As Bairner observes, the ‘history of football in Northern Ireland has witnessed some remarkable achievements, not least the performances of the national team at the World Cup Finals of 1958 and 1982’.[ 1 ] For a country with a population of barely 1.5 million people the success gained by both international and club sides representing Northern Ireland has arguably been disproportionate to its size. Indeed, Northern Ireland also qualified for the World Cup Finals held in Mexico in 1986, although it failed to progress past the initial group stages of that tournament. If the sport is viewed on an island-wide basis, an ‘Irish’ team has contested the latter stages of the FIFA World Cup on five of the last six occasions. The resurgence of the Republic of Ireland soccer team as an international force has been reflected in its presence at the 1990, 1994 and 2002 finals.
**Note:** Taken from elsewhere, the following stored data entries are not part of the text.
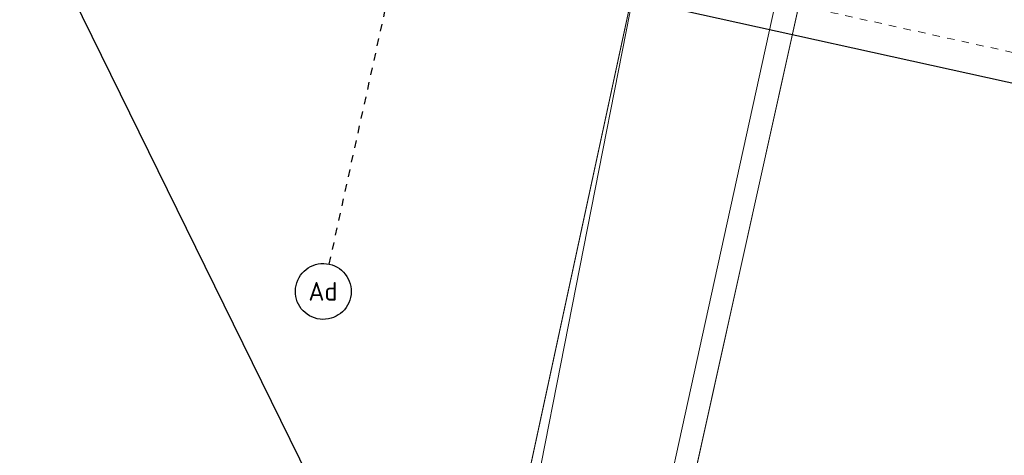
# Model space of a CAD drawing. Header units: metres. Extents: x 250001 to 257773, y 598992 to 609118.
# Tile 513 of 1056: x 254944 to 254958, y 601161 to 601167. Entities that reach past the tile are written whole.
import ezdxf
from ezdxf import colors
from ezdxf.entities.mleader import LeaderData, LeaderLine
from ezdxf.math import Vec2, Vec3

# ---------------------------------------------------------------- set-up
doc = ezdxf.new("R2010")
doc.units = ezdxf.units.M
doc.linetypes.add('XX-HIDDEN', pattern=[4, 2, -2])
doc.linetypes.add('XX-STRAMIEN', pattern=[16, 10, -2, 2, -2])
for name, color, linetype, lineweight in [('B-WE-GR-GRAS-GV', 252, 'Continuous', 13), ('B-WE-GW-GRONDWERKLIJN_KRUIN-G', 252, 'Continuous', 18), ('B-WE-GW-TALUD_KRUIN-G', 252, 'Continuous', 18), ('N-CO-BC-BETONVORM-G', 50, 'Continuous', 25), ('N-CO-BC-BETONVORM-GN', 7, 'XX-HIDDEN', 18), ('N-WE-VH-VERHARDING_HALFVERHARDING-A', 252, 'Continuous', 18), ('X-XX-AL-AANKLEDING-T25', 7, 'Continuous', 25), ('X-XX-AL-REFERENTIE-G', 7, 'Continuous', 18), ('X_XX_AL_STRAMIENLIJN_G-1', 7, 'Continuous', 25), ('X_XX_AL_STRAMIENLIJN_G-2', 7, 'Continuous', 50), ('X_XX_AL_STRAMIENLIJN_G-3', 7, 'XX-STRAMIEN', 25)]:
    doc.layers.add(name, color=color, linetype=linetype, lineweight=lineweight)
doc.styles.add('NLCS-ISO', font='NLCS-ISO.ttf')
doc.styles.add('NLCS-ISO-ANNOTATIEF-T25', font='NLCS-ISO.ttf', dxfattribs={"height": 2.5})

# ---------------------------------------------------------------- blocks, each defined once
blk = doc.blocks.new('BS2021-132-Xref-inmeting-2d-20210906')
at = {"layer": 'B-WE-GW-GRONDWERKLIJN_KRUIN-G'}
for points in [[(254939.658, 601108.228), (254940.862, 601112.582), (254942.066, 601116.936), (254942.567, 601119.383), (254942.771, 601120.379), (254943.477, 601123.821), (254944.183, 601127.264), (254945.242, 601132.005), (254946.301, 601136.745), (254947.239, 601141.328), (254948.177, 601145.91), (254948.926, 601149.185), (254949.674, 601152.46), (254950.423, 601155.734), (254951.195, 601159.675), (254951.967, 601163.615), (254952.74, 601167.555), (254953.675, 601171.88), (254954.61, 601176.205), (254955.545, 601180.53), (254956.48, 601184.855), (254957.44, 601189.664)], [(254959.861, 601190.572), (254958.76, 601185.841), (254957.66, 601181.109), (254956.679, 601176.645), (254955.698, 601172.18), (254954.717, 601167.716), (254953.737, 601163.251), (254952.756, 601158.787), (254951.775, 601154.322), (254950.686, 601149.507), (254949.597, 601144.691), (254948.508, 601139.875), (254947.419, 601135.059), (254946.727, 601131.695), (254946.034, 601128.331), (254945.342, 601124.967), (254944.65, 601121.603), (254944.118, 601119.019), (254943.958, 601118.239), (254943.265, 601114.875), (254942.573, 601111.511)]]:
    blk.add_lwpolyline(points, dxfattribs=at)
blk = doc.blocks.new('BS2021-132-Xref-BGT-GRIJS-20210617-aangepast')
at = {"layer": 'B-WE-GR-GRAS-GV', "flags": 128}
for points in [[(254976.819, 601319.758), (254933.271, 601121.875), (254942.193, 601119.878), (254945.617, 601135.524), (254950.45, 601156.987), (254955.045, 601178.285), (254960.804, 601205.905), (254965.333, 601227.434), (254968.143, 601241.151), (254969.784, 601248.981), (254972.739, 601262.666)], [(254972.739, 601262.666), (254969.784, 601248.981), (254968.143, 601241.151), (254965.333, 601227.434), (254960.804, 601205.905), (254955.045, 601178.285), (254950.45, 601156.987), (254945.617, 601135.524), (254942.193, 601119.878), (254944.328, 601119.4), (254960.959, 601194.428), (254979.955, 601280.798)]]:
    blk.add_lwpolyline(points, dxfattribs=at)
blk.add_lwpolyline([(254992.906, 601328.328), (254988.201, 601317.658), (254987.65, 601313.872), (254983.077, 601292.717), (254979.955, 601280.798), (254960.959, 601194.428), (254944.328, 601119.4), (254949.393, 601118.266), (254957.601, 601154.289), (254971.475, 601220.413), (254980.373, 601261.242), (254987.989, 601296.864), (254993.169, 601322.998)], close=True, dxfattribs=at)
at = {"layer": 'B-WE-GW-TALUD_KRUIN-G', "flags": 128}
blk.add_lwpolyline([(254942.193, 601119.878), (254945.617, 601135.524), (254950.45, 601156.987), (254955.045, 601178.285), (254960.804, 601205.905), (254965.333, 601227.434), (254968.143, 601241.151), (254969.784, 601248.981), (254972.739, 601262.666)], dxfattribs=at)
blk = doc.blocks.new('Grid - 5_0_Bubble-119038-WCS_N_A_P_ Copy 1')
at = {"layer": 'X_XX_AL_STRAMIENLIJN_G-1'}
blk.add_ellipse((0, 0), major_axis=(7.5, 0), ratio=1, dxfattribs=at)
blk = doc.blocks.new('Getijdenduiker_RD')
at = {"layer": 'N-CO-BC-BETONVORM-G'}
blk.add_line((254952810, 601167180), (254979521, 601161302), dxfattribs=at)
at = {"layer": 'N-CO-BC-BETONVORM-GN'}
blk.add_line((254952407, 601167678), (254979997, 601161607), dxfattribs=at)
at = {"layer": 'X_XX_AL_STRAMIENLIJN_G-3'}
blk.add_line((254948603, 601163654), (254951081, 601174912), dxfattribs=at)
at = {"layer": 'X_XX_AL_STRAMIENLIJN_G-1', "xscale": 49.99999999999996, "yscale": 49.99999999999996, "zscale": 49.99999999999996, "rotation": 347.5889999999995}
blk.add_blockref('Grid - 5_0_Bubble-119038-WCS_N_A_P_ Copy 1', (254948523, 601163288), dxfattribs=at)
at = {"layer": 'X_XX_AL_STRAMIENLIJN_G-2', "insert": (254948324, 601163414), "char_height": 250, "width": 485.02, "attachment_point": 1, "style": 'NLCS-ISO'}
blk.add_mtext('Ad', dxfattribs=at)

msp = doc.modelspace()

# ---------------------------------------------------------------- hatches: boundary and pattern name
at = {"layer": 'N-WE-VH-VERHARDING_HALFVERHARDING-A'}
h = msp.add_hatch(dxfattribs=at)
h.set_pattern_fill('AVH-HALFVERHARDING-SO', color=256, pattern_type=2)
h.set_pattern_definition([(50, (254847.808, 601253.6878), (3.5863, -0.31376), [0.375, -4.125]), (355, (254847.808, 601253.688), (-0.693757, 3.76096), [0.3, -3.3]), (100.4514, (254848.107, 601253.6617), (2.892547, 3.4472), [0.3187, -3.50571]), (46.1842, (254847.808, 601254.688), (5.336205, -0.827595), [0.5625, -6.1875]), (96.6356, (254848.253, 601254.619), (4.67331, 4.87059), [0.47805, -5.25856]), (351.1842, (254847.808, 601254.688), (4.67331, 4.87059), [0.45, -4.95]), (21, (254848.308, 601254.4378), (2.984535, -2.013094), [0.375, -4.125]), (326, (254848.308, 601254.438), (1.216577, 3.62575), [0.3, -3.3]), (71.4514, (254848.557, 601254.27), (4.201113, 1.61265), [0.3187, -3.50571]), (37.5, (254847.8081, 601253.6878), (0.060799, 1.664469), [0, -3.26, 0, -3.35, 0, -3.3125]), (7.5, (254847.8081, 601253.6878), (1.315348, 1.972059), [0, -1.91, 0, -3.185, 0, -1.2625]), (327.5, (254846.6931, 601253.6878), (2.669112, -0.112774), [0, -1.25, 0, -3.9, 0, -5.175]), (317.5, (254846.193, 601253.6878), (2.91593, 0.500525), [0, -1.625, 0, -2.59, 0, -3.675])])
edge = h.paths.add_edge_path()
edge.add_line((254940.453, 601403.428), (254953.354, 601350.437))
edge.add_line((254953.354, 601350.437), (254909.724, 601236.445))
edge.add_line((254909.724, 601236.445), (254860.942, 601247.384))
edge.add_line((254860.942, 601247.384), (254858.098, 601234.699))
edge.add_line((254858.098, 601234.699), (254835.655, 601239.732))
edge.add_line((254835.655, 601239.732), (254832.373, 601225.095))
edge.add_line((254832.373, 601225.095), (254827.997, 601205.58))
edge.add_line((254827.997, 601205.58), (254825.07, 601206.236))
edge.add_line((254825.07, 601206.236), (254814.998, 601161.32))
edge.add_arc((254839.392, 601155.85), 25, 167.3609, 205.6595)
edge.add_line((254816.857, 601145.024), (254830.669, 601116.272))
edge.add_arc((254853.204, 601127.098), 25, 205.6595, 227.8988)
edge.add_line((254836.443, 601108.549), (254908.727, 601043.233))
edge.add_line((254908.727, 601043.233), (254908.681, 601043.024))
edge.add_line((254908.681, 601043.024), (254907.645, 601038.26))
edge.add_line((254907.645, 601038.26), (254907.388, 601037.1))
edge.add_line((254907.388, 601037.1), (254905.454, 601042.146))
edge.add_line((254905.454, 601042.146), (254833.994, 601106.718))
edge.add_arc((254850.755, 601125.267), 25, 205.6595, 227.8988, ccw=False)
edge.add_line((254828.221, 601114.442), (254813.003, 601146.119))
edge.add_arc((254835.538, 601156.944), 25, 167.3609, 205.6595, ccw=False)
edge.add_line((254811.144, 601162.414), (254823.355, 601216.869))
edge.add_arc((254798.96, 601222.339), 25, 347.3609, 437.3609)
edge.add_line((254804.431, 601246.734), (254797.6, 601248.265))
edge.add_line((254797.6, 601248.265), (254798.913, 601254.12))
edge.add_line((254798.913, 601254.12), (254820.38, 601249.306))
edge.add_arc((254822.568, 601259.064), 10, 257.3609, 347.3609)
edge.add_line((254832.326, 601256.876), (254837.577, 601280.294))
edge.add_line((254837.577, 601280.294), (254866.85, 601273.73))
edge.add_line((254866.85, 601273.73), (254862.036, 601252.263))
edge.add_line((254862.036, 601252.263), (254885.508, 601247))
edge.add_arc((254890.978, 601271.394), 25, 257.3609, 339.0559)
edge.add_line((254914.326, 601262.457), (254945.341, 601343.491))
edge.add_arc((254921.993, 601352.427), 25, 339.0559, 373.6831)
edge.add_line((254946.283, 601358.341), (254935.724, 601401.715))
edge.add_line((254935.724, 601401.715), (254940.453, 601403.428))

# ---------------------------------------------------------------- block references
at = {"xscale": 0.001, "yscale": 0.001, "zscale": 0.001}
msp.add_blockref('Getijdenduiker_RD', (0, 0), dxfattribs=at)
at = {"layer": 'X-XX-AL-REFERENTIE-G'}
for name in ['BS2021-132-Xref-BGT-GRIJS-20210617-aangepast', 'BS2021-132-Xref-inmeting-2d-20210906']:
    msp.add_blockref(name, (0, 0), dxfattribs=at)

# ---------------------------------------------------------------- next in the draw order: leaders
at = {"layer": 'X-XX-AL-AANKLEDING-T25'}
ml = msp.add_multileader_mtext('Standard', dxfattribs=at)
ml.set_content('Getijdenduiker', color=256, style='NLCS-ISO-ANNOTATIEF-T25')
ml.set_leader_properties(color=256, linetype='ByLayer', lineweight=-1)
ml.build(insert=Vec2(0, 0))
ml.multileader.update_dxf_attribs({"text_left_attachment_type": 5, "text_right_attachment_type": 5, "dogleg_length": 2.5, "arrow_head_size": 1.25, "scale": 0.5})
ctx = ml.context
ctx.base_point, ctx.scale, ctx.char_height, ctx.arrow_head_size, ctx.landing_gap_size, ctx.plane_origin = Vec3(254954.735, 601150.297), 0.5, 1.25, 1.25, 0.45, Vec3(254975.407, 601164.409)
ctx.left_attachment, ctx.right_attachment = 5, 5
notes = []
notes.append((ctx, [(1, (1, 1, 0), (254953.485, 601150.297), (1, 0), 1.25, [(0, [(254943.047, 601171.53)], 0, [])])]))
ctx.mtext.insert, ctx.mtext.flow_direction = Vec3(254955.185, 601151.922), 5
ctx.mtext.has_bg_fill, ctx.mtext.bg_color, ctx.mtext.bg_scale_factor, ctx.mtext.bg_transparency, ctx.mtext.use_window_bg_color = 1, -1027028792, 1.5, 0, 1
for ctx, leaders in notes:
    for number, flags, end, landing, length, lines in leaders:
        leader = LeaderData()
        leader.index, (leader.has_last_leader_line, leader.has_dogleg_vector, leader.attachment_direction) = number, flags
        leader.last_leader_point, leader.dogleg_vector, leader.dogleg_length = Vec3(end), Vec3(landing), length
        for number, points, colour, breaks in lines:
            line = LeaderLine()
            line.index, line.vertices, line.color, line.breaks = number, Vec3.list(points), colors.encode_raw_color(colour), breaks
            leader.lines.append(line)
        ctx.leaders.append(leader)

doc.saveas('drawing.dxf')

Northern Ireland has also produced some of the finest exponents of the game, amongst them Pat Jennings, Martin O Neill and, most noteworthy, possibly one of the greatest players the world has ever seen, George Best. Yet, for all this, soccer in Northern Ireland has, certainly from the late 1960s, been synonymous with sectarian division and ethnic conflict. That this remains the case is of course lamentable, albeit not surprising given the political maelstrom in which the sport has sought to exist.